I think I have a general answer. First, the results:
All two-digit numbers that satisfy $r(n^2) = r(n)^2$, as found by Ankoganit, are:
11, 12, 13, 22, and their inverses.
All three-digit numbers are:
101, 102, 103, 111, 112, 113, 121, 122, 202, 212, and their inverses.
All four-digit numbers are:
1001, 1002, 1003, 1011, 1012, 1013, 1021, 1022, 1031, 1102, 1103, 1111, 1112, 1113, 1121, 1122, 1202, 1212, 2002, 2012, 2022, and their inverses.
(Larger numbers are listed at the end.)
The key to the solution is...
...we need to avoid carry, which is the only asymmetrical aspect here.
To understand this, it is very useful to think of squaring a number in terms of long multiplication. If we take, for example, a four-digit number, $n = 1000d_4 + 100d_3 + 10d_2 + d_1$, we have for $n^2$:
$\begin{array}{cccccccc}
& & & & d_4 & d_3 & d_2 & d_1 \\
\times & & & & d_4 & d_3 & d_2 & d_1 \\
\hline
& & & & d_1 d_4 & d_1 d_3 & d_1 d_2 & d_1^2 \\
+ & & & d_2 d_4 & d_2 d_3 & d_2^2 & d_2 d_1 \\
+ & & d_3 d_4 & d_3^2 & d_3 d_2 & d_3 d_1 \\
+ & d_4^2 & d_4 d_3 & d_4 d_2 & d_4 d_1 \\
\hline
& D_7 & D_6 & D_5 & D_4 & D_3 & D_2 & D_1
\end{array}$
(In case you're not familiar with long multiplication: each line in the middle section represents the multiplication of one digit by all the others. Then we sum each column to get $D_1, ..., D_7$, and these constitute the result, $n^2 = 10^6 D_7 + 10^5 D_6 + ... + D_1$.)
As long as all $D_i$'s are single digits (smaller or equal to 9) it doesn't matter if we reverse the digits before or after the square (notice the symmetric structure of the middle section). But once a certain $D_i$ is larger than 9, we get carry to the next digit. If, for example, $D_4 = 2(d_1 d_4 + d_2 d_3) > 9$, it would affect digit 5 in $n^2$ and thus digit 3 in $r(n^2)$. But the carry will be from digit 4 to 5 for $r(n)^2$ and it will stay as digit 5. And so we wouldn't have $r(n^2) = r(n)^2$.
A simple example is $n=2112$: We have $D_4 = 2(d_1 d_4 + d_2 d_3) = 2(4 + 1) = 10$ and so we get carry of 1. $r(2112^2) = 4450644$ (with carry 'to the right') and $r(2122)^2 = 4460544$ (with carry 'to the left'), and they are not equal.

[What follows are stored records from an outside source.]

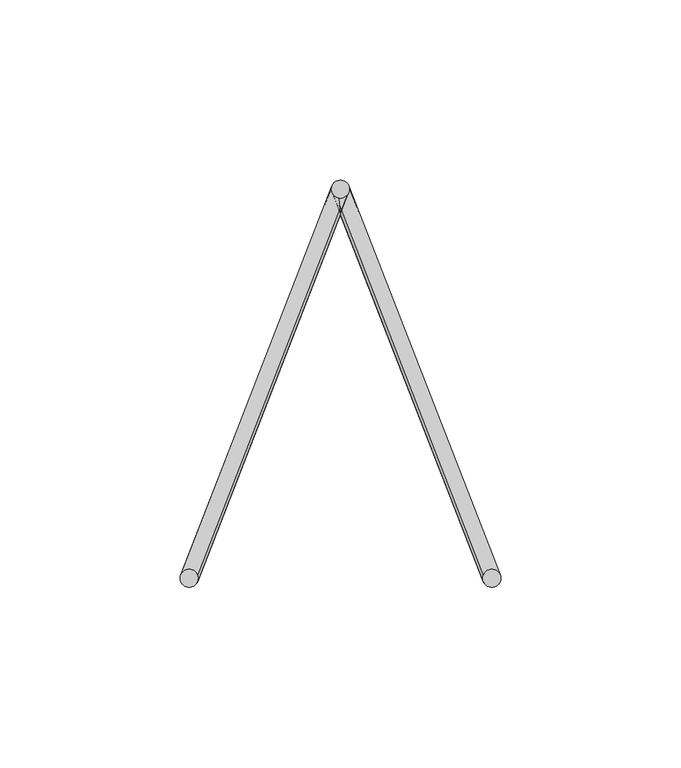
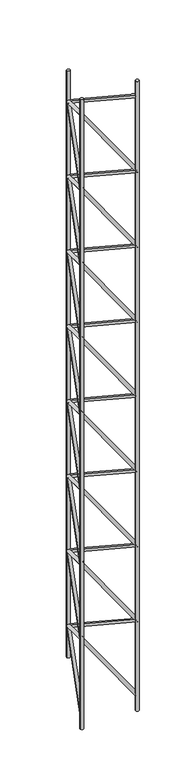
"""IFC4 building model written with IfcOpenShell, lengths in millimetres: proxy geometry, Pre-fab. (Vigota 4 - Pano 6)."""

import ifcopenshell
import ifcopenshell.guid

model = None  # the IFC model being written
_history = None  # IfcOwnerHistory: only IFC2X3 demands one
_inside = {}  # id of a spatial element -> (the spatial element, [elements in it])
_under = {}  # id of a project, library or spatial element -> (it, [spatial elements below it])
_declared = {}  # id of a project -> (the project, [libraries it declares])
_typed = {}  # id of a type object -> (the type object, [elements of that type])
_made_of = {}  # id of a material, layer set ... -> (it, [elements and type objects made of it])


def new_model(schema):
    """Start an empty IFC model of exactly this schema.

    Asked for "IFC4X3", IfcOpenShell would pick the latest addendum, in which some entities
    have other attributes; the version numbers below select the first issue.
    IFC2X3 requires an IfcOwnerHistory on every rooted entity: one is made here for all.
    """
    global model, _history
    if schema == "IFC4X3":
        model = ifcopenshell.file(schema_version=(4, 3, 0, 0))
    else:
        model = ifcopenshell.file(schema=schema)
    _inside.clear()
    _under.clear()
    _declared.clear()
    _typed.clear()
    _made_of.clear()
    _history = None
    if model.schema == "IFC2X3":
        org = make("IfcOrganization", Name="unknown")
        user = make(
            "IfcPersonAndOrganization",
            ThePerson=make("IfcPerson", FamilyName="unknown"),
            TheOrganization=org,
        )
        app = make(
            "IfcApplication",
            ApplicationDeveloper=org,
            Version="unknown",
            ApplicationFullName="unknown",
            ApplicationIdentifier="unknown",
        )
        _history = make(
            "IfcOwnerHistory",
            OwningUser=user,
            OwningApplication=app,
            ChangeAction="ADDED",
            CreationDate=0,
        )
    return model


def make(cls, **values):
    """One entity of the class cls with the attributes given. An attribute that is None is left unset."""
    return model.create_entity(
        cls, **{name: value for name, value in values.items() if value is not None}
    )


def rooted(cls, **values):
    """An entity with a GlobalId (a new one), such as an element, a storey or a relation."""
    return make(cls, GlobalId=ifcopenshell.guid.new(), OwnerHistory=_history, **values)


def si_unit(unit_type, name, prefix=None):
    """IfcSIUnit, for example si_unit("LENGTHUNIT", "METRE", prefix="MILLI")."""
    return make("IfcSIUnit", UnitType=unit_type, Prefix=prefix, Name=name)


def assignment(units):
    """IfcUnitAssignment: the units of a project."""
    return None if units is None else make("IfcUnitAssignment", Units=units)


def point(xyz):
    """IfcCartesianPoint."""
    return None if xyz is None else make("IfcCartesianPoint", Coordinates=xyz)


def direction(xyz):
    """IfcDirection."""
    return None if xyz is None else make("IfcDirection", DirectionRatios=xyz)


def frame(location, z_axis=None, x_axis=None):
    """IfcAxis2Placement3D, a coordinate frame: its origin and axes. An axis left out is left unset."""
    return make(
        "IfcAxis2Placement3D",
        Location=point(location),
        Axis=direction(z_axis),
        RefDirection=direction(x_axis),
    )


def frame_2d(location, x_axis=None):
    """IfcAxis2Placement2D, a coordinate frame in the plane: its origin and x axis."""
    return make(
        "IfcAxis2Placement2D", Location=point(location), RefDirection=direction(x_axis)
    )


def origin():
    """The frame at (0, 0, 0) with its axes left unset."""
    return frame((0.0, 0.0, 0.0))


def origin_with_axes():
    """The frame at (0, 0, 0) with the z axis (0, 0, 1) and the x axis (1, 0, 0) written out."""
    return frame((0.0, 0.0, 0.0), z_axis=(0.0, 0.0, 1.0), x_axis=(1.0, 0.0, 0.0))


def origin_2d():
    """The frame at (0, 0) in the plane with its x axis left unset."""
    return frame_2d((0.0, 0.0))


def place(relative_to, where):
    """IfcLocalPlacement: puts the frame where relative to a parent placement (None: the world)."""
    return make(
        "IfcLocalPlacement", PlacementRelTo=relative_to, RelativePlacement=where
    )


def context(
    kind, dimensions, precision=None, world=None, true_north=None, identifier=None
):
    """IfcGeometricRepresentationContext, for example the 3D "Model" context."""
    return make(
        "IfcGeometricRepresentationContext",
        ContextIdentifier=identifier,
        ContextType=kind,
        CoordinateSpaceDimension=dimensions,
        Precision=precision,
        WorldCoordinateSystem=world,
        TrueNorth=true_north,
    )


def project(units=None, contexts=None):
    """IfcProject with its units and contexts."""
    return rooted(
        "IfcProject",
        Name="project",
        RepresentationContexts=contexts,
        UnitsInContext=assignment(units),
    )


def spatial(cls, under=None, at=None, **own):
    """A site, building, storey or space (cls), placed at a placement, below another one or the project."""
    s = rooted(cls, ObjectPlacement=at, **own)
    if under is not None:
        _under.setdefault(under.id(), (under, []))[1].append(s)
    return s


def circle_curve(where, radius):
    """IfcCircle in the frame where."""
    return make("IfcCircle", Position=where, Radius=radius)


def trimmed(basis, trim1, trim2, sense, master):
    """IfcTrimmedCurve: the piece of a basis curve between two trims."""
    return make(
        "IfcTrimmedCurve",
        BasisCurve=basis,
        Trim1=trim1,
        Trim2=trim2,
        SenseAgreement=sense,
        MasterRepresentation=master,
    )


def segment(curve, same_sense, transition):
    """IfcCompositeCurveSegment."""
    return make(
        "IfcCompositeCurveSegment",
        Transition=transition,
        SameSense=same_sense,
        ParentCurve=curve,
    )


def composite_curve(segments, self_intersect=None):
    """IfcCompositeCurve: segments joined end to end."""
    return make("IfcCompositeCurve", Segments=segments, SelfIntersect=self_intersect)


def outline(outer, holes=None, kind="AREA"):
    """IfcArbitraryClosedProfileDef: a profile drawn as a closed curve; with holes, ...WithVoids."""
    if holes is None:
        return make("IfcArbitraryClosedProfileDef", ProfileType=kind, OuterCurve=outer)
    return make(
        "IfcArbitraryProfileDefWithVoids",
        ProfileType=kind,
        OuterCurve=outer,
        InnerCurves=holes,
    )


def extrude(swept, where, along, depth):
    """IfcExtrudedAreaSolid: the profile swept, set in the frame where, extruded along a direction by depth."""
    return make(
        "IfcExtrudedAreaSolid",
        SweptArea=swept,
        Position=where,
        ExtrudedDirection=direction(along),
        Depth=depth,
    )


def shape(context_of_items, identifier, shape_type, items):
    """IfcShapeRepresentation: the items that make up one representation, for example the "Body"."""
    return make(
        "IfcShapeRepresentation",
        ContextOfItems=context_of_items,
        RepresentationIdentifier=identifier,
        RepresentationType=shape_type,
        Items=items,
    )


def source(mapping_origin, context_of_items, identifier, shape_type, items):
    """IfcRepresentationMap: a shape defined once, which mapped items show again and again."""
    return make(
        "IfcRepresentationMap",
        MappingOrigin=mapping_origin,
        MappedRepresentation=shape(context_of_items, identifier, shape_type, items),
    )


def transform(
    local_origin,
    x_axis=None,
    y_axis=None,
    z_axis=None,
    scale=None,
    scale2=None,
    scale3=None,
    uniform=True,
):
    """IfcCartesianTransformationOperator3D, or its non-uniform kind. x_axis, y_axis, z_axis: its Axis1, 2, 3."""
    if uniform:
        return make(
            "IfcCartesianTransformationOperator3D",
            Axis1=direction(x_axis),
            Axis2=direction(y_axis),
            LocalOrigin=point(local_origin),
            Scale=scale,
            Axis3=direction(z_axis),
        )
    return make(
        "IfcCartesianTransformationOperator3DnonUniform",
        Axis1=direction(x_axis),
        Axis2=direction(y_axis),
        LocalOrigin=point(local_origin),
        Scale=scale,
        Axis3=direction(z_axis),
        Scale2=scale2,
        Scale3=scale3,
    )


def mapped(mapping_source, mapping_target):
    """IfcMappedItem: shows the shape of a source again, moved by a transform."""
    return make(
        "IfcMappedItem", MappingSource=mapping_source, MappingTarget=mapping_target
    )


def made_of(thing, what):
    """Note that an element or type object is made of a material, layer set ...; save() writes the relation."""
    if what is not None:
        _made_of.setdefault(what.id(), (what, []))[1].append(thing)
    return thing


def element(
    cls,
    number,
    at=None,
    inside=None,
    cuts=None,
    type_object=None,
    material=None,
    context=None,
    identifier="Body",
    shape_type=None,
    held_by="IfcProductDefinitionShape",
    body=None,
    shapes=None,
    **own,
):
    """One element of the class cls, such as IfcWall. Its Tag is "e" and its number.

    at: its placement. inside: the storey or other place that contains it. cuts: it is an
    opening in that element (IfcRelVoidsElement). A single representation is given by context,
    identifier, shape_type and body (its items); several are given by shapes. held_by: the class
    of the entity that holds the representations. save() writes the other relations.
    """
    e = rooted(cls, Tag="e%d" % number, ObjectPlacement=at, **own)
    if body is not None:
        shapes = [shape(context, identifier, shape_type, body)]
    if shapes is not None:
        e.Representation = make(held_by, Representations=shapes)
    if inside is not None:
        _inside.setdefault(inside.id(), (inside, []))[1].append(e)
    if cuts is not None:
        rooted(
            "IfcRelVoidsElement", RelatingBuildingElement=cuts, RelatedOpeningElement=e
        )
    if type_object is not None:
        _typed.setdefault(type_object.id(), (type_object, []))[1].append(e)
    return made_of(e, material)


def aggregate(whole, parts):
    """IfcRelAggregates: a whole, such as a stair, and the parts it consists of."""
    return rooted("IfcRelAggregates", RelatingObject=whole, RelatedObjects=parts)


def save(model, path):
    """Write the relations noted so far, then the file.

    IfcRelAggregates (storeys below a building ...), IfcRelContainedInSpatialStructure (elements
    in a storey), IfcRelDefinesByType, IfcRelAssociatesMaterial and IfcRelDeclares: one each for
    every whole, place, type object, material and project.
    """
    for whole, parts in _under.values():
        aggregate(whole, parts)
    for where, things in _inside.values():
        rooted(
            "IfcRelContainedInSpatialStructure",
            RelatedElements=things,
            RelatingStructure=where,
        )
    for kind, things in _typed.values():
        rooted("IfcRelDefinesByType", RelatedObjects=things, RelatingType=kind)
    for what, things in _made_of.values():
        rooted("IfcRelAssociatesMaterial", RelatedObjects=things, RelatingMaterial=what)
    for by, libraries in _declared.values():
        rooted("IfcRelDeclares", RelatingContext=by, RelatedDefinitions=libraries)
    model.write(path)


def structural_framing_ea5c50d0(model_context):
    return source(origin(), model_context, "Body", "SweptSolid", [
        extrude(outline(composite_curve([segment(trimmed(circle_curve(origin_2d(), 2.5), [point((2.5, 0.0))], [point((-2.5, 0.0))], False, "CARTESIAN"), True, "CONTINUOUS"), segment(trimmed(circle_curve(origin_2d(), 2.5), [point((-2.5, 0.0))], [point((2.5, 0.0))], False, "CARTESIAN"), True, "CONTINUOUS")], self_intersect=False)), origin_with_axes(), (0.0, 0.0, 1.0), 1009.0),
        extrude(outline(composite_curve([segment(trimmed(circle_curve(frame_2d((-42.0, 108.0)), 2.5), [point((-39.5, 108.0))], [point((-44.5, 108.0))], False, "CARTESIAN"), True, "CONTINUOUS"), segment(trimmed(circle_curve(frame_2d((-42.0, 108.0)), 2.5), [point((-44.5, 108.0))], [point((-39.5, 108.0))], False, "CARTESIAN"), True, "CONTINUOUS")], self_intersect=False)), frame((0.0, 0.0, 34.5), z_axis=(0.0, 0.0, 1.0), x_axis=(1.0, 0.0, 0.0)), (0.0, 0.0, 1.0), 940.0),
        extrude(outline(composite_curve([segment(trimmed(circle_curve(origin_2d(), 2.5), [point((2.5, 0.0))], [point((-2.5, 0.0))], False, "CARTESIAN"), True, "CONTINUOUS"), segment(trimmed(circle_curve(origin_2d(), 2.5), [point((-2.5, 0.0))], [point((2.5, 0.0))], False, "CARTESIAN"), True, "CONTINUOUS")], self_intersect=False)), frame((0.0, 0.0, 24.5), z_axis=(-0.3218603428886276, 0.8276408817707567, 0.4598004898837537), x_axis=(0.8192319205108605, -3.936835275445103e-11, 0.5734623443750141)), (0.0, 0.0, 1.0), 130.491379),
        extrude(outline(composite_curve([segment(trimmed(circle_curve(origin_2d(), 2.5), [point((2.5, 0.0))], [point((-2.5, 0.0))], False, "CARTESIAN"), True, "CONTINUOUS"), segment(trimmed(circle_curve(origin_2d(), 2.5), [point((-2.5, 0.0))], [point((2.5, 0.0))], False, "CARTESIAN"), True, "CONTINUOUS")], self_intersect=False)), frame((-42.0, 108.0, 84.5), z_axis=(0.3218603428886276, -0.8276408817707567, 0.4598004898837537), x_axis=(0.8192319205108605, -3.936835275445103e-11, -0.5734623443750141)), (0.0, 0.0, 1.0), 130.491379),
        extrude(outline(composite_curve([segment(trimmed(circle_curve(origin_2d(), 2.5), [point((2.5, 0.0))], [point((-2.5, 0.0))], False, "CARTESIAN"), True, "CONTINUOUS"), segment(trimmed(circle_curve(origin_2d(), 2.5), [point((-2.5, 0.0))], [point((2.5, 0.0))], False, "CARTESIAN"), True, "CONTINUOUS")], self_intersect=False)), frame((0.0, 0.0, 144.5), z_axis=(-0.3218603428886276, 0.8276408817707567, 0.4598004898837537), x_axis=(0.8192319205108605, -3.936835275445103e-11, 0.5734623443750141)), (0.0, 0.0, 1.0), 130.491379),
        extrude(outline(composite_curve([segment(trimmed(circle_curve(origin_2d(), 2.5), [point((2.5, 0.0))], [point((-2.5, 0.0))], False, "CARTESIAN"), True, "CONTINUOUS"), segment(trimmed(circle_curve(origin_2d(), 2.5), [point((-2.5, 0.0))], [point((2.5, 0.0))], False, "CARTESIAN"), True, "CONTINUOUS")], self_intersect=False)), frame((-42.0, 108.0, 204.5), z_axis=(0.3218603428886276, -0.8276408817707567, 0.4598004898837537), x_axis=(0.8192319205108605, -3.936835275445103e-11, -0.5734623443750141)), (0.0, 0.0, 1.0), 130.491379),
        extrude(outline(composite_curve([segment(trimmed(circle_curve(origin_2d(), 2.5), [point((2.5, 0.0))], [point((-2.5, 0.0))], False, "CARTESIAN"), True, "CONTINUOUS"), segment(trimmed(circle_curve(origin_2d(), 2.5), [point((-2.5, 0.0))], [point((2.5, 0.0))], False, "CARTESIAN"), True, "CONTINUOUS")], self_intersect=False)), frame((0.0, 0.0, 264.5), z_axis=(-0.3218603428886276, 0.8276408817707567, 0.4598004898837537), x_axis=(0.8192319205108605, -3.936835275445103e-11, 0.5734623443750141)), (0.0, 0.0, 1.0), 130.491379),
        extrude(outline(composite_curve([segment(trimmed(circle_curve(origin_2d(), 2.5), [point((2.5, 0.0))], [point((-2.5, 0.0))], False, "CARTESIAN"), True, "CONTINUOUS"), segment(trimmed(circle_curve(origin_2d(), 2.5), [point((-2.5, 0.0))], [point((2.5, 0.0))], False, "CARTESIAN"), True, "CONTINUOUS")], self_intersect=False)), frame((-42.0, 108.0, 324.5), z_axis=(0.3218603428886276, -0.8276408817707567, 0.4598004898837537), x_axis=(0.8192319205108605, -3.936835275445103e-11, -0.5734623443750141)), (0.0, 0.0, 1.0), 130.491379),
        extrude(outline(composite_curve([segment(trimmed(circle_curve(origin_2d(), 2.5), [point((2.5, 0.0))], [point((-2.5, 0.0))], False, "CARTESIAN"), True, "CONTINUOUS"), segment(trimmed(circle_curve(origin_2d(), 2.5), [point((-2.5, 0.0))], [point((2.5, 0.0))], False, "CARTESIAN"), True, "CONTINUOUS")], self_intersect=False)), frame((0.0, 0.0, 384.5), z_axis=(-0.3218603428886276, 0.8276408817707567, 0.4598004898837537), x_axis=(0.8192319205108605, -3.936835275445103e-11, 0.5734623443750141)), (0.0, 0.0, 1.0), 130.491379),
        extrude(outline(composite_curve([segment(trimmed(circle_curve(origin_2d(), 2.5), [point((2.5, 0.0))], [point((-2.5, 0.0))], False, "CARTESIAN"), True, "CONTINUOUS"), segment(trimmed(circle_curve(origin_2d(), 2.5), [point((-2.5, 0.0))], [point((2.5, 0.0))], False, "CARTESIAN"), True, "CONTINUOUS")], self_intersect=False)), frame((-42.0, 108.0, 444.5), z_axis=(0.3218603428886276, -0.8276408817707567, 0.4598004898837537), x_axis=(0.8192319205108605, -3.936835275445103e-11, -0.5734623443750141)), (0.0, 0.0, 1.0), 130.491379),
        extrude(outline(composite_curve([segment(trimmed(circle_curve(origin_2d(), 2.5), [point((2.5, 0.0))], [point((-2.5, 0.0))], False, "CARTESIAN"), True, "CONTINUOUS"), segment(trimmed(circle_curve(origin_2d(), 2.5), [point((-2.5, 0.0))], [point((2.5, 0.0))], False, "CARTESIAN"), True, "CONTINUOUS")], self_intersect=False)), frame((0.0, 0.0, 504.5), z_axis=(-0.3218603428886276, 0.8276408817707567, 0.4598004898837537), x_axis=(0.8192319205108605, -3.936835275445103e-11, 0.5734623443750141)), (0.0, 0.0, 1.0), 130.491379),
        extrude(outline(composite_curve([segment(trimmed(circle_curve(origin_2d(), 2.5), [point((2.5, 0.0))], [point((-2.5, 0.0))], False, "CARTESIAN"), True, "CONTINUOUS"), segment(trimmed(circle_curve(origin_2d(), 2.5), [point((-2.5, 0.0))], [point((2.5, 0.0))], False, "CARTESIAN"), True, "CONTINUOUS")], self_intersect=False)), frame((-42.0, 108.0, 564.5), z_axis=(0.3218603428886276, -0.8276408817707567, 0.4598004898837537), x_axis=(0.8192319205108605, -3.936835275445103e-11, -0.5734623443750141)), (0.0, 0.0, 1.0), 130.491379),
        extrude(outline(composite_curve([segment(trimmed(circle_curve(origin_2d(), 2.5), [point((2.5, 0.0))], [point((-2.5, 0.0))], False, "CARTESIAN"), True, "CONTINUOUS"), segment(trimmed(circle_curve(origin_2d(), 2.5), [point((-2.5, 0.0))], [point((2.5, 0.0))], False, "CARTESIAN"), True, "CONTINUOUS")], self_intersect=False)), frame((0.0, 0.0, 624.5), z_axis=(-0.3218603428886276, 0.8276408817707567, 0.4598004898837537), x_axis=(0.8192319205108605, -3.936835275445103e-11, 0.5734623443750141)), (0.0, 0.0, 1.0), 130.491379),
        extrude(outline(composite_curve([segment(trimmed(circle_curve(origin_2d(), 2.5), [point((2.5, 0.0))], [point((-2.5, 0.0))], False, "CARTESIAN"), True, "CONTINUOUS"), segment(trimmed(circle_curve(origin_2d(), 2.5), [point((-2.5, 0.0))], [point((2.5, 0.0))], False, "CARTESIAN"), True, "CONTINUOUS")], self_intersect=False)), frame((-42.0, 108.0, 684.5), z_axis=(0.3218603428886276, -0.8276408817707567, 0.4598004898837537), x_axis=(0.8192319205108605, -3.936835275445103e-11, -0.5734623443750141)), (0.0, 0.0, 1.0), 130.491379),
        extrude(outline(composite_curve([segment(trimmed(circle_curve(origin_2d(), 2.5), [point((2.5, 0.0))], [point((-2.5, 0.0))], False, "CARTESIAN"), True, "CONTINUOUS"), segment(trimmed(circle_curve(origin_2d(), 2.5), [point((-2.5, 0.0))], [point((2.5, 0.0))], False, "CARTESIAN"), True, "CONTINUOUS")], self_intersect=False)), frame((0.0, 0.0, 744.5), z_axis=(-0.3218603428886276, 0.8276408817707567, 0.4598004898837537), x_axis=(0.8192319205108605, -3.936835275445103e-11, 0.5734623443750141)), (0.0, 0.0, 1.0), 130.491379),
        extrude(outline(composite_curve([segment(trimmed(circle_curve(origin_2d(), 2.5), [point((2.5, 0.0))], [point((-2.5, 0.0))], False, "CARTESIAN"), True, "CONTINUOUS"), segment(trimmed(circle_curve(origin_2d(), 2.5), [point((-2.5, 0.0))], [point((2.5, 0.0))], False, "CARTESIAN"), True, "CONTINUOUS")], self_intersect=False)), frame((-42.0, 108.0, 804.5), z_axis=(0.3218603428886276, -0.8276408817707567, 0.4598004898837537), x_axis=(0.8192319205108605, -3.936835275445103e-11, -0.5734623443750141)), (0.0, 0.0, 1.0), 130.491379),
        extrude(outline(composite_curve([segment(trimmed(circle_curve(origin_2d(), 2.5), [point((2.5, 0.0))], [point((-2.5, 0.0))], False, "CARTESIAN"), True, "CONTINUOUS"), segment(trimmed(circle_curve(origin_2d(), 2.5), [point((-2.5, 0.0))], [point((2.5, 0.0))], False, "CARTESIAN"), True, "CONTINUOUS")], self_intersect=False)), frame((0.0, 0.0, 864.5), z_axis=(-0.3218603428886276, 0.8276408817707567, 0.4598004898837537), x_axis=(0.8192319205108605, -3.936835275445103e-11, 0.5734623443750141)), (0.0, 0.0, 1.0), 130.491379),
        extrude(outline(composite_curve([segment(trimmed(circle_curve(origin_2d(), 2.5), [point((2.5, 0.0))], [point((-2.5, 0.0))], False, "CARTESIAN"), True, "CONTINUOUS"), segment(trimmed(circle_curve(origin_2d(), 2.5), [point((-2.5, 0.0))], [point((2.5, 0.0))], False, "CARTESIAN"), True, "CONTINUOUS")], self_intersect=False)), frame((-42.0, 108.0, 924.5), z_axis=(0.3218603428886276, -0.8276408817707567, 0.4598004898837537), x_axis=(0.8192319205108605, -3.936835275445103e-11, -0.5734623443750141)), (0.0, 0.0, 1.0), 130.491379),
        extrude(outline(composite_curve([segment(trimmed(circle_curve(frame_2d((-84.0, 0.0)), 2.5), [point((-81.5, 0.0))], [point((-86.5, 0.0))], False, "CARTESIAN"), True, "CONTINUOUS"), segment(trimmed(circle_curve(frame_2d((-84.0, 0.0)), 2.5), [point((-86.5, 0.0))], [point((-81.5, 0.0))], False, "CARTESIAN"), True, "CONTINUOUS")], self_intersect=False)), origin_with_axes(), (0.0, 0.0, 1.0), 1009.0),
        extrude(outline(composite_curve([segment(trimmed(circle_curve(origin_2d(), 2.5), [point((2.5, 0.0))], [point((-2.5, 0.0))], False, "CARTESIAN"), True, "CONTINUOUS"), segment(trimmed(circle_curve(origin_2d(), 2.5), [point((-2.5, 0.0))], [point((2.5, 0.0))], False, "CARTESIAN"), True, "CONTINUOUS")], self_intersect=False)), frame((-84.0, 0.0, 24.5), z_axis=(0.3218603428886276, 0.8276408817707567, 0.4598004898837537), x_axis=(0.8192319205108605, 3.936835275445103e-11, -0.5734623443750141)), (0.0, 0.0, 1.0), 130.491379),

So we want to avoid carry. But what causes carry? Anything that causes $D_i > 9$. First of all, as you can see above, all digits appear as $d_i^2$ in one of the columns. So any digit which has $d_i^2 > 9$ causes carry and is thus forbidden. So all digits must be 1, 2 or 3, as other people already said.
Second, all pairs of digits appear twice as $d_i d_j$ in one of the columns. So any pair of digits which has $2 d_i d_j > 9$ causes carry and is thus forbidden. So we cannot have both 2 and 3 in $n$ (as $2 \cdot 2 \cdot 3 > 9$), nor can we have two 3's (as $2 \cdot 3 \cdot 3 > 9$).
These two rules are sufficient to construct all possible two-digit $n$'s, listed above.
Note that we only had to look at the columns of $D_1$ and $D_2$ to come up with forbidden two-digit $n$'s. For three-digit $n$'s we also look at the column of $D_3$. It tells us we need to avoid a sequence of three consecutive digits, $d_1$, $d_2$ and $d_3$, which have $d_2^2 + 2 d_1 d_3 > 9$. These are (given the former rules) the sequence 2-2-2 and the sequence 1-3-1. So we can construct all three-digit $n$'s, listed above.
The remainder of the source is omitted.